# Lightroom Library has increased suddenly to 160GB....due to Proxies 144GB



## mikebore (Oct 1, 2018)

I have Lightroom CC on my MBP running 10.14. It is set to store smart previews internally and Originals on an external  SSD.

This has worked fine but suddenly the Library is 160GB and I have hardly any drive free space.

Opening the Library shows this is all due to Proxies/720p is 6.88GB and Proxies/2560 is 144GB.

I think they downloaded last night from the cloud as it said Syncing in the top right even though the filter showed everything was syncd.

I also have Lightroom CC on my27"  iMac with its own external holding originals.

Do I need these proxies?

What setting controls them.?

Thanks


----------



## mikebore (Oct 1, 2018)

Some more info about my problem:

I just opened the Library package file on my iMac.  Its size is 20.39GB which is more like what it was on my MBP before Proxies appeared.

There are no proxies on the iMac.

What is odd about the Library on my iMac, is that inside the package file there are* two* folders with *different* alphanumeric identifiers.  One is the same number as on my MBP and is 11GB. The other is 8Gb and has not been modified since July 3rd. This happened before and I was advised I could delete the one not being used which I did and all was well.

Is it a supported configuration to have LRCC on two Macs, synchronised to the same Adobe ID/cloud library, with both Macs having their own originals location? I feel the 140 GB of Proxies in the MBP library is somehow connected with my setup.

Apart from the above anomalies and the excessive size of the MBP library, Lightroom CC is behaving very well. Two iPhones and iPad are also signed in to the account.

Thanks for any help.


----------



## Jim Wilde (Oct 1, 2018)

The "proxies" are the Smart Previews, so if you have LRCC on one Mac set to store a local copy of all Smart Previews, then that's what it does. Compare the Preferences>Local Storage tab on the two systems...is that option set on one system but not the other?


----------



## mikebore (Oct 1, 2018)

Thanks Jim, I wrote most of the below before your message but I think it is still relevant.

Sorry this is turning into a bit of a journal as I make progress understanding my issues!

I am now pretty sure the two problems I mention are unrelated:

1. The problem of the two alphanumeric folders in the iMac Library has happened before and is the result of a false start setting up LRCC in July and starting all over. But I don't think I did the start all over completely cleanly.  When I noticed it before I deleted it and all was well, but now it has come back (same alphanumeric) so it is lurking in my account somewhere, and will probably appear again, but has never appeared on my MacBook Pro. I have deleted it again and all is well (no effect whatever). Any advice on how to clear this would be welcome.

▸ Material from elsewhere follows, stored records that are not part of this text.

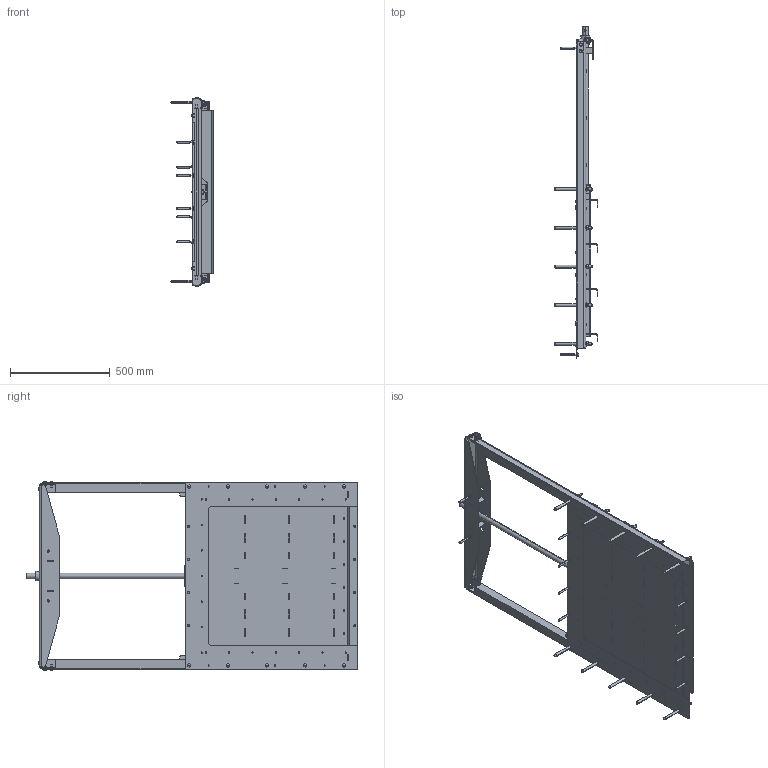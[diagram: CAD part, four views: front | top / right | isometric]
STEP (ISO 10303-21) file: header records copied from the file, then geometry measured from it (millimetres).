
FILE_DESCRIPTION (( 'STEP AP214' ), '1' );
FILE_NAME ('700x700.STEP', '2021-10-27T12:31:47', ( '' ), ( '' ), 'SwSTEP 2.0', 'SolidWorks 2020', '' );
FILE_SCHEMA (( 'AUTOMOTIVE_DESIGN' ));
Length unit declared in the file: millimetre
Products named in the file (1): 700x700
Bounding box: 219 x 1665 x 951.8 mm (x, y, z)
Volume: 14420787.8 mm3; surface area: 4328365.3 mm2
Topology: 4 solids, 18 shells, 3917 faces, 10215 edges, 6448 vertices
Faces by surface type: cylinder 1622, plane 1382, cone 779, torus 82, sphere 28, bspline 24
Entity records: 129265 total; most frequent: CARTESIAN_POINT 35017, ORIENTED_EDGE 20186, DIRECTION 18780, EDGE_CURVE 10093, AXIS2_PLACEMENT_3D 6971, VERTEX_POINT 6428, LINE 4838, VECTOR 4838
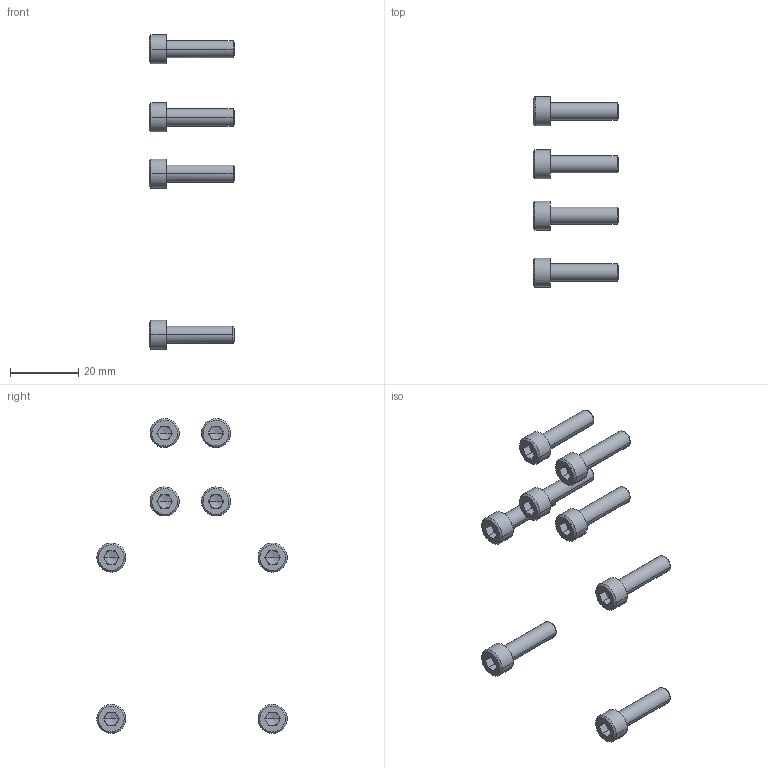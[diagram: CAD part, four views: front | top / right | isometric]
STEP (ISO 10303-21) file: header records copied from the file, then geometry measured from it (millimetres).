
FILE_DESCRIPTION(/* description */ (''),/* implementation_level */ '2;1');
FILE_NAME(/* name */ 'Y-FEBF~1',/* time_stamp */ '2014-02-14T19:39:17+01:00',/* author */ (''),/* organization */ (''),/* preprocessor_version */ 'ST-DEVELOPER v14',/* originating_system */ '',/* authorisation */ '');
FILE_SCHEMA (('AUTOMOTIVE_DESIGN'));
Length unit declared in the file: millimetre
Products named in the file (2): Document; screw DIN912-like, M5x20
Assembly tree (8 placements, depth 2):
  Document
    screw DIN912-like, M5x20  x8
Bounding box: 25.05 x 55.7 x 92.09 mm (x, y, z)
Volume: 5093 mm3; surface area: 4669.8 mm2
Topology: 8 solids, 8 shells, 200 faces, 448 edges, 264 vertices
Faces by surface type: plane 120, bspline 80
Entity records: 1461 total; most frequent: CARTESIAN_POINT 639, B_SPLINE_CURVE_WITH_KNOTS 126, ORIENTED_EDGE 108, PCURVE 108, DEFINITIONAL_REPRESENTATION 108, SURFACE_CURVE 54, EDGE_CURVE 54, DIRECTION 37
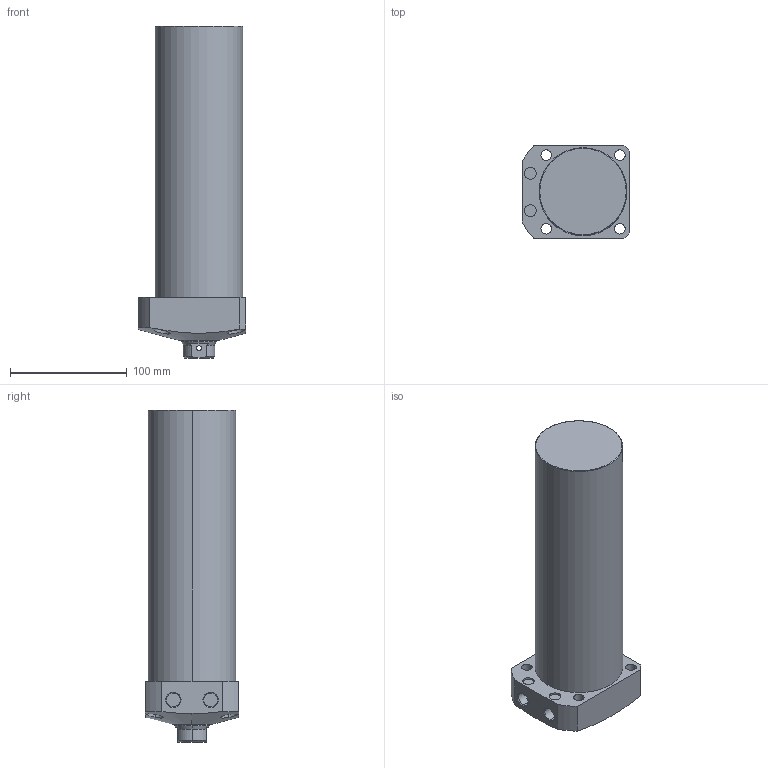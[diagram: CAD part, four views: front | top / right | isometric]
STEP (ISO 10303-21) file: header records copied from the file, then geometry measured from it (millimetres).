
FILE_DESCRIPTION (( 'STEP AP203' ), '1' );
FILE_NAME ('CLL-075CB-195.STEP', '2019-12-24T00:31:27', ( '' ), ( '' ), 'SwSTEP 2.0', 'SolidWorks 2015', '' );
FILE_SCHEMA (( 'CONFIG_CONTROL_DESIGN' ));
Length unit declared in the file: millimetre
Products named in the file (1): CLL-075CB-195
Bounding box: 92 x 80 x 284 mm (x, y, z)
Volume: 1243875.1 mm3; surface area: 87076.8 mm2
Topology: 1 solids, 1 shells, 78 faces, 183 edges, 116 vertices
Faces by surface type: cylinder 39, plane 22, cone 15, torus 2
Entity records: 2862 total; most frequent: CARTESIAN_POINT 955, DIRECTION 396, ORIENTED_EDGE 362, EDGE_CURVE 181, AXIS2_PLACEMENT_3D 164, VERTEX_POINT 116, EDGE_LOOP 101, CIRCLE 85

2. The problem of the excessive size of the LRCC library on my MBP is beginning to make some sense, but far from understood. The local storage settings in the MBP are to store all smart previews on the internal and all originals on an external.  Local Storage preference window says "required space is 84.8GB" which seems right for 70,000 photos. This is also consistent with the Library size on a recent back up (before the step change in size) where the Library is 95GB and where the proxies folder was 75GB. 

So the mystery is why there has been a step change in size of the proxies folder from 75GB to 150GB?

Can I delete the Proxies folder and let it recreate them and hope they are back to the 75GB level?

Thanks very much for any input.


----------



## mikebore (Oct 1, 2018)

The screenshot below shows the Library content on the recent backup TOP, and current BOTTOM, which maybe makes the situation a bit clearer.

It changed from the top to the bottom overnight, where I could see it was downloading, and the icon top right said "Syncing" but the filter said everything was syncd and backed up.


----------



## Jim Wilde (Oct 1, 2018)

I can't explain why the size of the smart previews cache has suddenly almost doubled, sorry. But do you need both Smart Previews AND Originals stored locally? Because I use Classic as well as LRCC (thus all my originals also exist locally outside of LRCC), on my Classic system I have LRCC store only the smart Previews, and not the originals. But on my second system, which doesn't run Classic, I do the opposite, i.e. store originals but not Smart Previews.

But answering your question, yes you probably can delete the proxies folder and in theory LRCC should download them again. Haven't tested that though, generally I delete the entire Local Library and then let LRCC rebuild it completely.


----------



## mikebore (Oct 1, 2018)

Thanks very much Jim.

That is a good question about whether I need both Smart Previews AND Originals on the same Mac.  My logic (which may well be flawed) is that:-

1. I want the Smart Previews on it so that I can view and edit without having the external Originals drive attached.

2. I want the Originals locally on the external because when I am on holiday or away from base with just the MBP,  I want to import photos to the Library and do some culling and editing while away.  If I import them *without* the Originals drive attached, the originals are stored* inside* the library after import, filling up precious internal space.  So I have an Originals drive for the MBP to avoid this.

But I believe that if I changed the setting to "not store Originals" then the imported-on-holiday originals would only be on the internal temporarily, and would be deleted once the files had been uploaded to the Cloud and downloaded to the Originals drive on my iMac. Is that right and does it work reliably?  if so then I don't need to keep Originals locally on the MBP.  I think I have enough space to keep holiday import originals internally temporarily.

So subject to your reply I am motivated to abandon the external Originals MBP drive and change the setting to not keep Originals on the MBP,  and will also delete the oversize proxies folder.


----------



## mikebore (Oct 1, 2018)

Just re-read your post and noted the advice   _"....generally I delete the entire Local Library and then let LRCC rebuild it completely"_

So that means what it says, and you just reopen LRCC app and sign in and it all downloads?

That sounds like it might be a good thing to do on my iMac with the phantom alphanumeric folder?


----------



## mikebore (Oct 1, 2018)

I have just done as suggested and deleted the whole Library and it redownloaded as below. Back to correct size. I have also stopped it save originals locally as discussed above. Will keep and eye on what happens. Thanks for all the help.


----------